One of our three Vizslas, Vizzy, a male 10 year old started to experience liver failure one week ago. It came on suddenly and he is now seeing a specialist. An ultrasound shows scarring on the liver. The vet says he does think the problem is cancer or a toxin(s) based on the look of the ultrasound. Vizzy's gums are very yellow and he displays signs of jaundice, black tarry watery stools, urine is dark yellow. He is showing some signs of neurological issues due to increased ammonia in his system. Obviously this is a very advanced state of liver disease... The vet would like to continue doing more tests and trials to determine what is causing the liver disease. Vizzy is not healthy enough at this time for a biopsy of the liver. The vet would like to eventually do a biopsy, if possible, to determine the best treatment.
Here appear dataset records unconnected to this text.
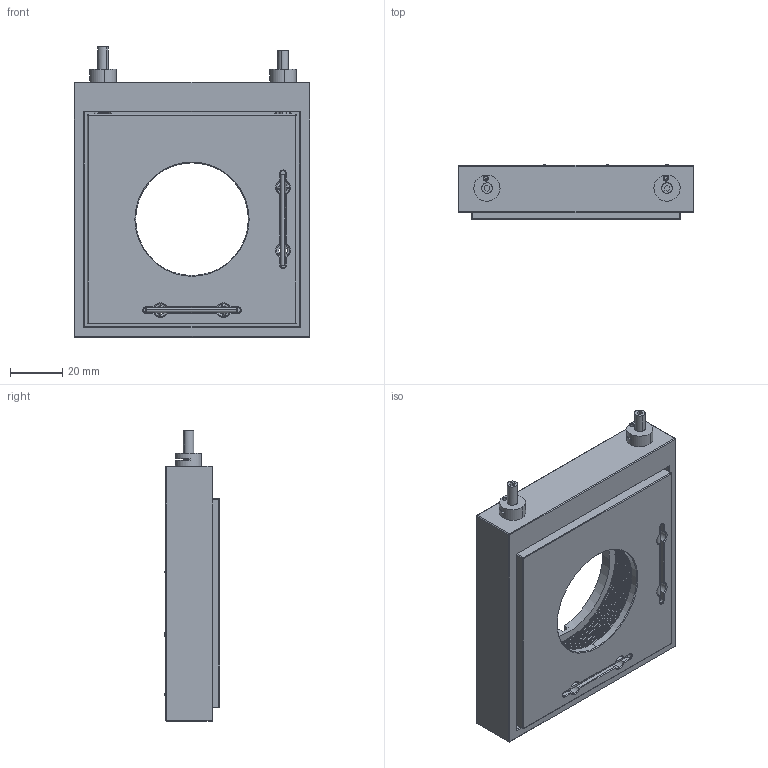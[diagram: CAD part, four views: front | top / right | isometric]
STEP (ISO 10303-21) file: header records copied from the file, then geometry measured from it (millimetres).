
FILE_DESCRIPTION (( 'STEP AP203' ), '1' );
FILE_NAME ('×°ÅäÌå1.STEP', '2024-12-14T03:50:00', ( '' ), ( '' ), 'SwSTEP 2.0', 'SolidWorks 2024', '' );
FILE_SCHEMA (( 'CONFIG_CONTROL_DESIGN' ));
Length unit declared in the file: millimetre
Products named in the file (11): 零件24; 2螺母; 零件52; 2小杆; 长顶杆2; 零件42; 3; 2短顶杆; 装配体1; 0.8×5×12.4弹簧22; 2台面
Assembly tree (19 placements, depth 2):
  装配体1
    2台面
    3
    2小杆  x4
    2螺母  x2
    长顶杆2
    0.8×5×12.4弹簧22  x4
    2短顶杆
    零件42
    零件52  x3
    零件24
Bounding box: 90 x 21.13 x 110.77 mm (x, y, z)
Volume: 119871.2 mm3; surface area: 52278.3 mm2
Topology: 19 solids, 19 shells, 810 faces, 2085 edges, 1304 vertices
Faces by surface type: cylinder 290, plane 279, cone 109, bspline 95, torus 19, sphere 18
Entity records: 36208 total; most frequent: CARTESIAN_POINT 18365, ORIENTED_EDGE 3728, DIRECTION 3104, EDGE_CURVE 1864, VERTEX_POINT 1179, AXIS2_PLACEMENT_3D 1091, LINE 922, VECTOR 922
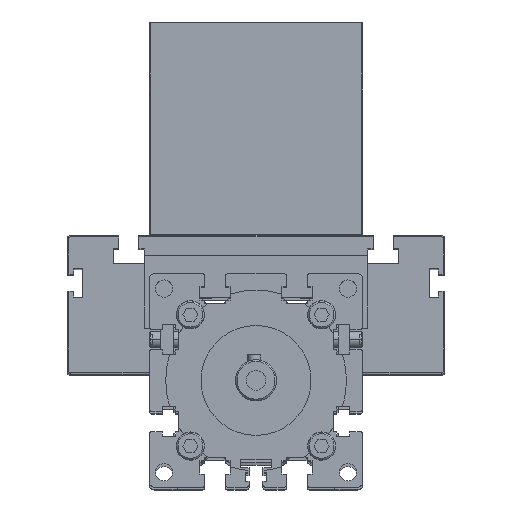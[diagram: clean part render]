
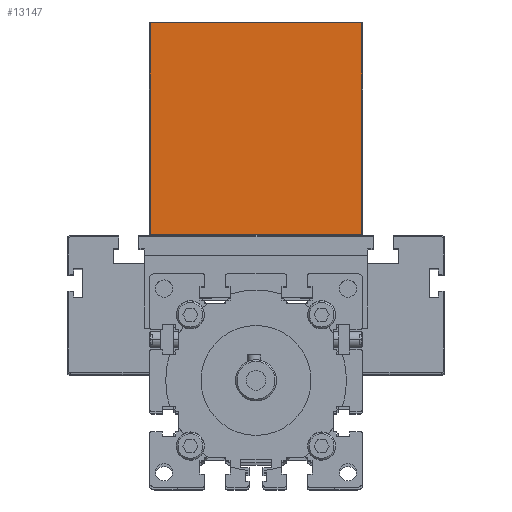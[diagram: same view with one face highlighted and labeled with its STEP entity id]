
A CAD part, top view. The second image highlights one B-rep face of the part: STEP entity #13147.
In plain terms, the highlighted planar face has unit normal (0, 0, 1).
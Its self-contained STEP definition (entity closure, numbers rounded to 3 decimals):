
#10 = VERTEX_POINT ( 'NONE', #7886 ) ;
#3272 = EDGE_LOOP ( 'NONE', ( #17641, #36966, #4857, #9806 ) ) ;
#4857 = ORIENTED_EDGE ( 'NONE', *, *, #10172, .T. ) ;
#5068 = LINE ( 'NONE', #28146, #31264 ) ;
#5372 = EDGE_CURVE ( 'NONE', #14819, #33146, #18603, .T. ) ;
#5399 = CARTESIAN_POINT ( 'NONE',  ( 130., 0., 135. ) ) ;
#7886 = CARTESIAN_POINT ( 'NONE',  ( 129.5, 0.5, 135. ) ) ;
#8184 = VERTEX_POINT ( 'NONE', #17246 ) ;
#9806 = ORIENTED_EDGE ( 'NONE', *, *, #26108, .T. ) ;
#10172 = EDGE_CURVE ( 'NONE', #33146, #8184, #5068, .T. ) ;
#13147 = ADVANCED_FACE ( 'NONE', ( #22573 ), #36648, .F. ) ;
#13217 = CARTESIAN_POINT ( 'NONE',  ( 129.5, 129.5, 135. ) ) ;
#13516 = LINE ( 'NONE', #18757, #21530 ) ;
#14819 = VERTEX_POINT ( 'NONE', #13217 ) ;
#15946 = DIRECTION ( 'NONE',  ( 1., 0., 0. ) ) ;
#17246 = CARTESIAN_POINT ( 'NONE',  ( 0.5, 0.5, 135. ) ) ;
#17641 = ORIENTED_EDGE ( 'NONE', *, *, #37298, .T. ) ;
#18603 = LINE ( 'NONE', #21791, #19965 ) ;
#18757 = CARTESIAN_POINT ( 'NONE',  ( 130., 0.5, 135. ) ) ;
#19244 = DIRECTION ( 'NONE',  ( 0., -1., 0. ) ) ;
#19541 = DIRECTION ( 'NONE',  ( -1., 0., 0. ) ) ;
#19965 = VECTOR ( 'NONE', #30215, 1000. ) ;
#20326 = AXIS2_PLACEMENT_3D ( 'NONE', #5399, #22197, #19541 ) ;
#21530 = VECTOR ( 'NONE', #15946, 1000. ) ;
#21791 = CARTESIAN_POINT ( 'NONE',  ( 130., 129.5, 135. ) ) ;
#22197 = DIRECTION ( 'NONE',  ( 0., 0., -1. ) ) ;
#22573 = FACE_OUTER_BOUND ( 'NONE', #3272, .T. ) ;
#24041 = CARTESIAN_POINT ( 'NONE',  ( 0.5, 129.5, 135. ) ) ;
#26108 = EDGE_CURVE ( 'NONE', #8184, #10, #13516, .T. ) ;
#28146 = CARTESIAN_POINT ( 'NONE',  ( 0.5, 0., 135. ) ) ;
#30215 = DIRECTION ( 'NONE',  ( -1., 0., 0. ) ) ;
#30840 = DIRECTION ( 'NONE',  ( 0., 1., 0. ) ) ;
#31004 = CARTESIAN_POINT ( 'NONE',  ( 129.5, 130., 135. ) ) ;
#31264 = VECTOR ( 'NONE', #19244, 1000. ) ;
#31276 = VECTOR ( 'NONE', #30840, 1000. ) ;
#33146 = VERTEX_POINT ( 'NONE', #24041 ) ;
#34042 = LINE ( 'NONE', #31004, #31276 ) ;
#36648 = PLANE ( 'NONE',  #20326 ) ;
#36966 = ORIENTED_EDGE ( 'NONE', *, *, #5372, .T. ) ;
#37298 = EDGE_CURVE ( 'NONE', #10, #14819, #34042, .T. ) ;
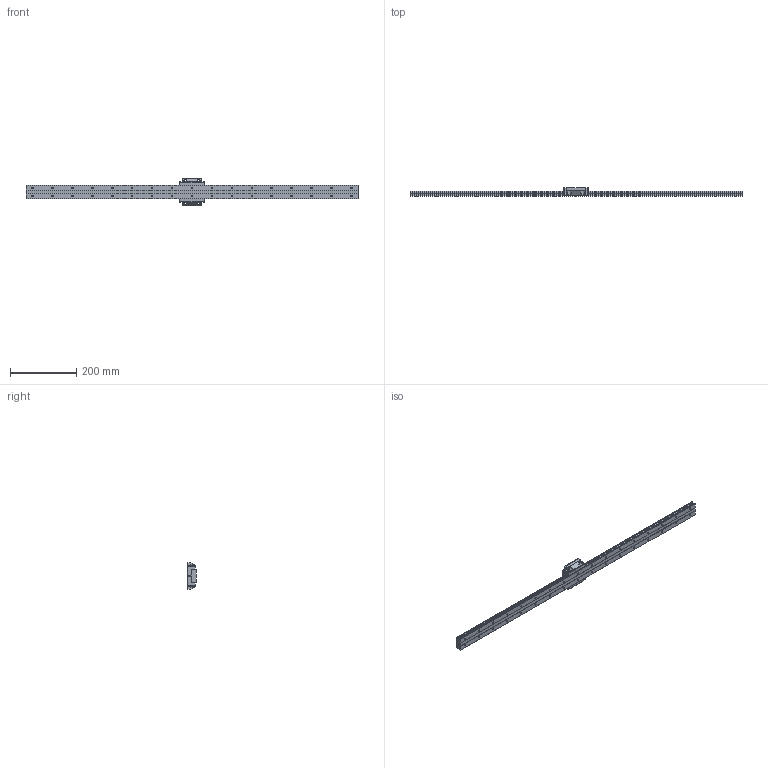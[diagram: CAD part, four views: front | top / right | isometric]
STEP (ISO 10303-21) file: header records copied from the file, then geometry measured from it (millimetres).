
FILE_DESCRIPTION( ( '' ), '1' );
FILE_NAME( 'C:/Users/v3-771-32344/Documents/Website 2016/STEP/SHW27CA1UU1000200463.6000.stp', '2016-11-10T12:44:05', ( '' ), ( '' ), ' ', ' ', ' ' );
FILE_SCHEMA( ( 'CONFIG_CONTROL_DESIGN' ) );
Length unit declared in the file: millimetre
Products named in the file (2): 1; 2
Bounding box: 1000 x 27 x 80 mm (x, y, z)
Volume: 653297.8 mm3; surface area: 146281.1 mm2
Topology: 2 solids, 2 shells, 364 faces, 938 edges, 610 vertices
Faces by surface type: cylinder 180, plane 152, cone 32
Entity records: 11474 total; most frequent: DIRECTION 2058, CARTESIAN_POINT 1998, ORIENTED_EDGE 1868, EDGE_CURVE 934, AXIS2_PLACEMENT_3D 766, VERTEX_POINT 610, LINE 526, VECTOR 526

We noticed a big improvement in behavior and symptoms when my wife and I both visited him last night ( I had been away in a remote area for 3 weeks). We decided to take him home with us last night and see if being at home in a comfortable setting improved his condition.

So, right now I am perplexed on what to do. Vizzy sure looked a lot better after spending time outside of the vet hospital and with us. He even started to try and chase and catch flies out on the grass. His blood pressure increased after being with us outside too (a good thing). It seems that doing a liver biopsy might not be worthwhile at this stage, since he is so weak and bleeding could be a problem. I currently think having him at home for a day or two,giving him oral meds from the vet hospital, and see how he does before doing a biopsy. 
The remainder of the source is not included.